__Problem requirements__: From the first line to the last, please write out the data exactly.

(Stored records)
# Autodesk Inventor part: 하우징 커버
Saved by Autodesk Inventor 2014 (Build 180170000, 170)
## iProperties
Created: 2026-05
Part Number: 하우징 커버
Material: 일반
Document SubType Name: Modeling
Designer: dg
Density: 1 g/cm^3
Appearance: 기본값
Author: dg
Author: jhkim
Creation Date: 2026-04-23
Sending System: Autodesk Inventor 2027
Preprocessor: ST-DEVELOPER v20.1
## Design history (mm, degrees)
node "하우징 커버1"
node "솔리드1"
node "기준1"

__Answer for the task__:
# Autodesk Inventor part: 하우징 커버
Saved by Autodesk Inventor 2014 (Build 180170000, 170)
## iProperties
Created: 2026-05
Part Number: 하우징 커버
Material: 일반
Document SubType Name: Modeling
Designer: dg
Density: 1 g/cm^3
Appearance: 기본값
Author: dg
Author: jhkim
Creation Date: 2026-04-23
Sending System: Autodesk Inventor 2027
Preprocessor: ST-DEVELOPER v20.1
## Design history (mm, degrees)
node "하우징 커버1"
node "솔리드1"
node "기준1"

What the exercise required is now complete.